В моем детстве в отцовских карих глазах я видела сияющие золотистые песчинки, а сейчас они превратились в сжирающее все вокруг пламя.
— Подпиши, — тянет ручку отец. — Квоту вернут.
Поднимаю голову кверху, сжимаю ладони до боли и рычу от бешенства.
Не глядя ставлю подпись на документе и отшвыриваю его на стол.
Дороги назад нет.
Мы разводимся…
* * *
— Вера, ты занята? — тихо спрашиваю, поглядывая на дверь.
Мне надо срочно отсюда выбраться.
— Нет пока. Что случилось с самого утра?
— Забери нас, пожалуйста, от моих. Папу просить не хочу, а такси….
— Поняла, поняла. Буду в районе часа.
— Спасибо. Чтобы я без тебя делала.
Иду в детскую комнату и оперативно поднимаю детей. Пока они завтракают внизу, складываю их вещи так, чтобы рюкзаки не казались слишком объемными.
Я не знаю, собираются ли родители препятствовать нашему отъезду, но на всякий случай хочу уехать без огласки.
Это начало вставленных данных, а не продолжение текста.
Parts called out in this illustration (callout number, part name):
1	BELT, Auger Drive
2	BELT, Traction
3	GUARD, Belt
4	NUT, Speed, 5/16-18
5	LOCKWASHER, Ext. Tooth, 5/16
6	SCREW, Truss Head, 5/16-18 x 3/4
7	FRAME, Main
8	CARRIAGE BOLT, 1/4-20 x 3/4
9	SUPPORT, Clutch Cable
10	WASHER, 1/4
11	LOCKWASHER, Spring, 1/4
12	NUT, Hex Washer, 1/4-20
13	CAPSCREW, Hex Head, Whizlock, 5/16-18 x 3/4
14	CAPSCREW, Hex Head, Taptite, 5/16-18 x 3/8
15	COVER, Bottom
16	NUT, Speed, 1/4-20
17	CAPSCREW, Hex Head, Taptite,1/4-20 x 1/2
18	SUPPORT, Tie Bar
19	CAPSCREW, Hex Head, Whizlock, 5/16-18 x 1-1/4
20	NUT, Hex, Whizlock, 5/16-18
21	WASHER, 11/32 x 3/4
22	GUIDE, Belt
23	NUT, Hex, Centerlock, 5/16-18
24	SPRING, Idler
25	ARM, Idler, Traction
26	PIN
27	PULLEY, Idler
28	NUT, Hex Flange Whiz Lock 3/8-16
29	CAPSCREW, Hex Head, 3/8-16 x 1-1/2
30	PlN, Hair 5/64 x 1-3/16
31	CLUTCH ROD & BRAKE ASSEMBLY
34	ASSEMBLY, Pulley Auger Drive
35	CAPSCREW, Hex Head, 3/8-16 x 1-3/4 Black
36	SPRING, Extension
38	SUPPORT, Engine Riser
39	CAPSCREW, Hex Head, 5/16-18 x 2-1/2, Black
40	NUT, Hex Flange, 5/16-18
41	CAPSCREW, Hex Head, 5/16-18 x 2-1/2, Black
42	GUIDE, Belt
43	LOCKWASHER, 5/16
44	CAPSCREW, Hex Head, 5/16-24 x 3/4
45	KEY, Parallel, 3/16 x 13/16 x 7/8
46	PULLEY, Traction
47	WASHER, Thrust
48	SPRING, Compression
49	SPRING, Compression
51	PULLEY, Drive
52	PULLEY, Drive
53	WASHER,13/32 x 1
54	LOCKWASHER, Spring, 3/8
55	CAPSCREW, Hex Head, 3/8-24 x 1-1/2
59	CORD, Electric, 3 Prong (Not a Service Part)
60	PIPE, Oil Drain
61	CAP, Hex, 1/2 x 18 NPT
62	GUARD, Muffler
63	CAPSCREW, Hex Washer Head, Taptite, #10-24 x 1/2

У себя в спальне натягиваю свободные джинсы и объемную толстовку. На голове делаю объемный пучок из волос. Кожа на лице горит и чешется.
В сумочку закидываю вещи первой необходимости: таблетки, карты, зарядку для телефона и ключи от дома.
Мама заходит с растерянным выражением лица:
— Яна, не злись на отца. Он действительно хотел как лучше.
Горько усмехаюсь.
— Это ужасно, мам. Ужасно. Наш с тобой близкий человек не осознает, что вред другим людям не может быть во благо.
— Он мужчина, Ян. Смотрит на это немного с другого ракурса.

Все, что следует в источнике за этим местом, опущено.